Clift and Johnston are older than the rest of the group, and notably wiser, particularly in the painful day-to-day realities of being a writer, as opposed to commonly held romantic expectations of becoming one. George is cantankerous but generous, while Charmian somehow manages to beguile everyone with her ability to cope with an obviously unwell husband, even allowing him to use "snippets" of her own writing, play the hostess, flirt with male admirers and join in the boozy intellectual arguments.
Jimmy disappears after being caught in a local scandal, and things drift to a downbeat epilogue, with Erica wistfully looking back as she revisits Hydra to join a few dots. Samson does well to maintain the hectic pace of this creative hotbed, with copious detail and vivid colour. However, I couldn't help feeling that her almost bouncily fulsome style was striving for something just beyond reach.

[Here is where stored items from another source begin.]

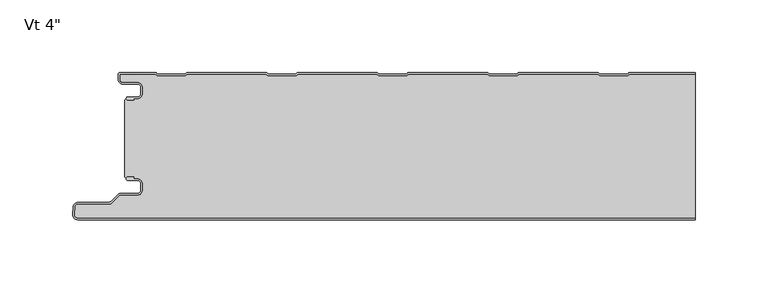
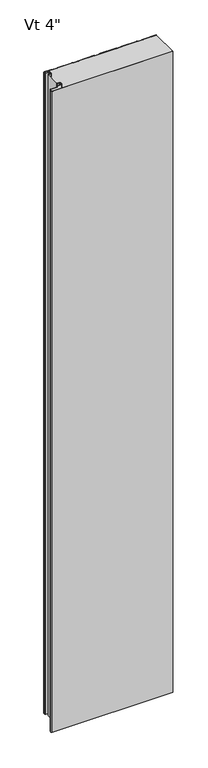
"""IFC4 building model written with IfcOpenShell, lengths in millimetres: plate geometry."""

from ifc_helpers import new_model, si_unit, point, frame, frame_2d, origin, origin_with_axes, place, context, project, spatial, polyline, circle_curve, trimmed, segment, composite_curve, outline, extrude, source, transform, mapped, element, save
from ifc_brep_helpers import plane_surface, cylinder_surface, revolved_surface, advanced_brep


def plate_2c1e21dd(model_context):
    return source(origin(), model_context, "Body", "SolidModel", [
        advanced_brep(
        [(-194.5686911, -17.001516, 2400.0), (-195.5686884, -18.0015192, 2400.0), (-194.5686911, -19.0015105, 2400.0), (-190.5684875, -19.0015105, 2400.0), (-190.5684875, -18.001516, 2400.0), (-187.8762777, -18.001516, 2400.0), (-184.576282, -14.7015203, 2400.0), (-184.576282, -10.3015291, 2400.0), (-187.8762775, -7.0015336, 2400.0), (-198.2962564, -7.0015336, 2400.0), (-200.0662506, -5.2315394, 2400.0), (-200.0662506, -0.9999917, 2400.0), (-175.565974, -0.9999917, 2400.0), (-174.1803314, -2.2002307, 2400.0), (-154.805165, -2.2002307, 2400.0), (-153.4195321, -1.0, 2400.0), (-99.3661167, -0.9999999, 2400.0), (-97.9804838, -2.2002306, 2400.0), (-78.6053174, -2.2002306, 2400.0), (-77.2196845, -0.9999999, 2400.0), (-23.1662691, -0.9999998, 2400.0), (-21.7806362, -2.2002305, 2400.0), (-2.4054698, -2.2002304, 2400.0), (-1.0198369, -0.9999997, 2400.0), (53.0335785, -0.9999996, 2400.0), (54.4192114, -2.2002303, 2400.0), (73.7943778, -2.2002303, 2400.0), (75.1800107, -0.9999996, 2400.0), (129.2334261, -0.9999995, 2400.0), (130.619059, -2.2002302, 2400.0), (149.9942254, -2.2002302, 2400.0), (151.3798583, -0.9999995, 2400.0), (196.5999997, -0.9999994, 2400.0), (196.5999997, 6e-07, 2400.0), (151.5290095, 5e-07, 2400.0), (150.6123926, -0.341788, 2400.0), (149.6213449, -1.2002302, 2400.0), (130.9919395, -1.2002302, 2400.0), (130.0008918, -0.341788, 2400.0), (129.0842749, 5e-07, 2400.0), (75.3291619, 4e-07, 2400.0), (74.412545, -0.3417881, 2400.0), (73.4214973, -1.2002303, 2400.0), (54.7920919, -1.2002303, 2400.0), (53.8010442, -0.3417881, 2400.0), (52.8844273, 4e-07, 2400.0), (-0.8706857, 3e-07, 2400.0), (-1.7873026, -0.3417882, 2400.0), (-2.7783503, -1.2002304, 2400.0), (-21.4077557, -1.2002305, 2400.0), (-22.3988034, -0.3417883, 2400.0), (-23.3154203, 2e-07, 2400.0), (-77.0705333, 1e-07, 2400.0), (-77.9871502, -0.3417884, 2400.0), (-78.9781979, -1.2002306, 2400.0), (-97.6076033, -1.2002306, 2400.0), (-98.598651, -0.3417884, 2400.0), (-99.5152679, 1e-07, 2400.0), (-153.2703809, 0.0, 2400.0), (-154.1869978, -0.3417885, 2400.0), (-155.1780455, -1.2002307, 2400.0), (-173.8074509, -1.2002307, 2400.0), (-174.7984986, -0.3417885, 2400.0), (-175.7152068, 0.0, 2400.0), (-199.6662544, 8.3e-06, 2400.0), (-201.0662506, -1.3999879, 2400.0), (-201.0662506, -5.2315394, 2400.0), (-198.2962564, -8.0015336, 2400.0), (-187.8762775, -8.0015336, 2400.0), (-185.576282, -10.3015291, 2400.0), (-185.576282, -14.7015203, 2400.0), (-187.8762777, -17.001516, 2400.0), (-194.5686911, -17.001516, 0.0), (-187.8762777, -17.001516, 0.0), (-185.576282, -14.7015203, 0.0), (-185.576282, -10.3015291, 0.0), (-187.8762775, -8.0015336, 0.0), (-198.2962564, -8.0015336, 0.0), (-201.0662506, -5.2315394, 0.0), (-201.0662506, -1.3999879, 0.0), (-199.6662544, 8.3e-06, 0.0), (-175.7151155, 8.3e-06, 0.0), (-174.7984986, -0.3417885, 0.0), (-173.8074509, -1.2002307, 0.0), (-155.1780455, -1.2002307, 0.0), (-154.1869978, -0.3417885, 0.0), (-153.2703809, 0.0, 0.0), (-99.5152679, 1e-07, 0.0), (-98.598651, -0.3417884, 0.0), (-97.6076033, -1.2002306, 0.0), (-78.9781979, -1.2002306, 0.0), (-77.9871502, -0.3417884, 0.0), (-77.0705333, 1e-07, 0.0), (-23.3154203, 2e-07, 0.0), (-22.3988034, -0.3417883, 0.0), (-21.4077557, -1.2002305, 0.0), (-2.7783503, -1.2002304, 0.0), (-1.7873026, -0.3417882, 0.0), (-0.8706857, 3e-07, 0.0), (52.8844273, 4e-07, 0.0), (53.8010442, -0.3417881, 0.0), (54.7920919, -1.2002303, 0.0), (73.4214973, -1.2002303, 0.0), (74.412545, -0.3417881, 0.0), (75.3291619, 4e-07, 0.0), (129.0842749, 5e-07, 0.0), (130.0008918, -0.341788, 0.0), (130.9919395, -1.2002302, 0.0), (149.6213449, -1.2002302, 0.0), (150.6123926, -0.341788, 0.0), (151.5290095, 5e-07, 0.0), (196.5999997, 6e-07, 0.0), (196.5999997, -0.9999994, 0.0), (151.3798583, -0.9999995, 0.0), (149.9942254, -2.2002302, 0.0), (130.619059, -2.2002302, 0.0), (129.2334261, -0.9999995, 0.0), (75.1800107, -0.9999996, 0.0), (73.7943778, -2.2002303, 0.0), (54.4192114, -2.2002303, 0.0), (53.0335785, -0.9999996, 0.0), (-1.0198369, -0.9999997, 0.0), (-2.4054698, -2.2002304, 0.0), (-21.7806362, -2.2002305, 0.0), (-23.1662691, -0.9999998, 0.0), (-77.2196845, -0.9999999, 0.0), (-78.6053174, -2.2002306, 0.0), (-97.9804838, -2.2002306, 0.0), (-99.3661167, -0.9999999, 0.0), (-153.4195321, -1.0, 0.0), (-154.805165, -2.2002307, 0.0), (-174.1803314, -2.2002307, 0.0), (-175.565974, -0.9999917, 0.0), (-200.0662506, -0.9999917, 0.0), (-200.0662506, -5.2315394, 0.0), (-198.2962564, -7.0015336, 0.0), (-187.8762775, -7.0015336, 0.0), (-184.576282, -10.3015291, 0.0), (-184.576282, -14.7015203, 0.0), (-187.8762777, -18.001516, 0.0), (-190.5684875, -18.001516, 0.0), (-190.5684875, -19.0015105, 0.0), (-194.5686911, -19.0015105, 0.0), (-195.5686883, -18.0015193, 0.0)],
        [
            (0, 1, circle_curve(frame((-194.5686911, -18.0015133, 2400.0), z_axis=(0.0, 0.0, 1.0), x_axis=(1.0, 1.7886125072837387e-09, 0.0)), 0.9999973)),
            (1, 2, circle_curve(frame((-194.5686911, -18.0015133, 2400.0), z_axis=(0.0, 0.0, 1.0), x_axis=(1.0, 1.7886125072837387e-09, 0.0)), 0.9999972)),
            (2, 3),
            (3, 4),
            (4, 5),
            (5, 6, circle_curve(frame((-187.8762777, -14.7015203, 2400.0), z_axis=(0.0, 0.0, 1.0), x_axis=(1.0, 1.7886125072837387e-09, 0.0)), 3.2999957)),
            (6, 7),
            (7, 8, circle_curve(frame((-187.8762775, -10.3015291, 2400.0), z_axis=(0.0, 0.0, 1.0), x_axis=(1.0, 1.7886125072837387e-09, 0.0)), 3.2999955)),
            (8, 9),
            (9, 10, circle_curve(frame((-198.2962564, -5.2315394, 2400.0), z_axis=(0.0, 0.0, -1.0), x_axis=(1.0, 1.7886125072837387e-09, 0.0)), 1.7699942)),
            (10, 11),
            (11, 12),
            (12, 13),
            (13, 14),
            (14, 15),
            (15, 16),
            (16, 17),
            (17, 18),
            (18, 19),
            (19, 20),
            (20, 21),
            (21, 22),
            (22, 23),
            (23, 24),
            (24, 25),
            (25, 26),
            (26, 27),
            (27, 28),
            (28, 29),
            (29, 30),
            (30, 31),
            (31, 32),
            (32, 33),
            (33, 34),
            (34, 35, circle_curve(frame((151.5290095, -1.3999967, 2400.0), z_axis=(0.0, 0.0, 1.0), x_axis=(1.0, 1.7886125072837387e-09, 0.0)), 1.3999972)),
            (35, 36),
            (36, 37),
            (37, 38),
            (38, 39, circle_curve(frame((129.084275, -1.3999967, 2400.0), z_axis=(0.0, 0.0, 1.0), x_axis=(1.0, 1.7886125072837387e-09, 0.0)), 1.3999972)),
            (39, 40),
            (40, 41, circle_curve(frame((75.3291619, -1.3999968, 2400.0), z_axis=(0.0, 0.0, 1.0), x_axis=(1.0, 1.7886125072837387e-09, 0.0)), 1.3999972)),
            (41, 42),
            (42, 43),
            (43, 44),
            (44, 45, circle_curve(frame((52.8844274, -1.3999968, 2400.0), z_axis=(0.0, 0.0, 1.0), x_axis=(1.0, 1.7886125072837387e-09, 0.0)), 1.3999972)),
            (45, 46),
            (46, 47, circle_curve(frame((-0.8706857, -1.3999969, 2400.0), z_axis=(0.0, 0.0, 1.0), x_axis=(1.0, 1.7886125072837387e-09, 0.0)), 1.3999972)),
            (47, 48),
            (48, 49),
            (49, 50),
            (50, 51, circle_curve(frame((-23.3154202, -1.399997, 2400.0), z_axis=(0.0, 0.0, 1.0), x_axis=(1.0, 1.7886125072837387e-09, 0.0)), 1.3999972)),
            (51, 52),
            (52, 53, circle_curve(frame((-77.0705333, -1.3999971, 2400.0), z_axis=(0.0, 0.0, 1.0), x_axis=(1.0, 1.7886125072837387e-09, 0.0)), 1.3999972)),
            (53, 54),
            (54, 55),
            (55, 56),
            (56, 57, circle_curve(frame((-99.5152678, -1.3999971, 2400.0), z_axis=(0.0, 0.0, 1.0), x_axis=(1.0, 1.7886125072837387e-09, 0.0)), 1.3999972)),
            (57, 58),
            (58, 59, circle_curve(frame((-153.2703809, -1.3999972, 2400.0), z_axis=(0.0, 0.0, 1.0), x_axis=(1.0, 1.7886125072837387e-09, 0.0)), 1.3999972)),
            (59, 60),
            (60, 61),
            (61, 62),
            (62, 63, circle_curve(frame((-175.7151154, -1.3999972, 2400.0), z_axis=(0.0, 0.0, 1.0), x_axis=(1.0, 1.7886125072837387e-09, 0.0)), 1.3999972)),
            (63, 64),
            (64, 65, circle_curve(frame((-199.6662544, -1.3999879, 2400.0), z_axis=(0.0, 0.0, 1.0), x_axis=(1.0, 1.7886125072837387e-09, 0.0)), 1.3999962)),
            (65, 66),
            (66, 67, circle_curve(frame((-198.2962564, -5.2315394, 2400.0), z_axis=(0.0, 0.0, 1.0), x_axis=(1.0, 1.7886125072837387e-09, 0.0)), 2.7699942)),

An extensive list of acknowledgements confirms the authenticity of wide research into 1960s Hydra and the identities of locals as well as foreigners who played a part in those brief but passionate years. That said, some of the dialogue - presumably based on curated recollections - can sound stilted and vaguely pretentious, and descriptions overwrought. Jimmy's eyes are "the colour of brown-bottle sea glass", and the "foreign colony moves with a force as mysterious as the murmuration of starlings".
There is of course a bleakly ironic disparity between lofty artistic ideals and self-indulgent hedonism, from which Clift, Johnston and Cohen can be honourably excepted. However, I think it's a shame that Samson's otherwise entertaining novel misses the chance to fully engage with this aspect.
- Ian McFarlane is a Canberra writer.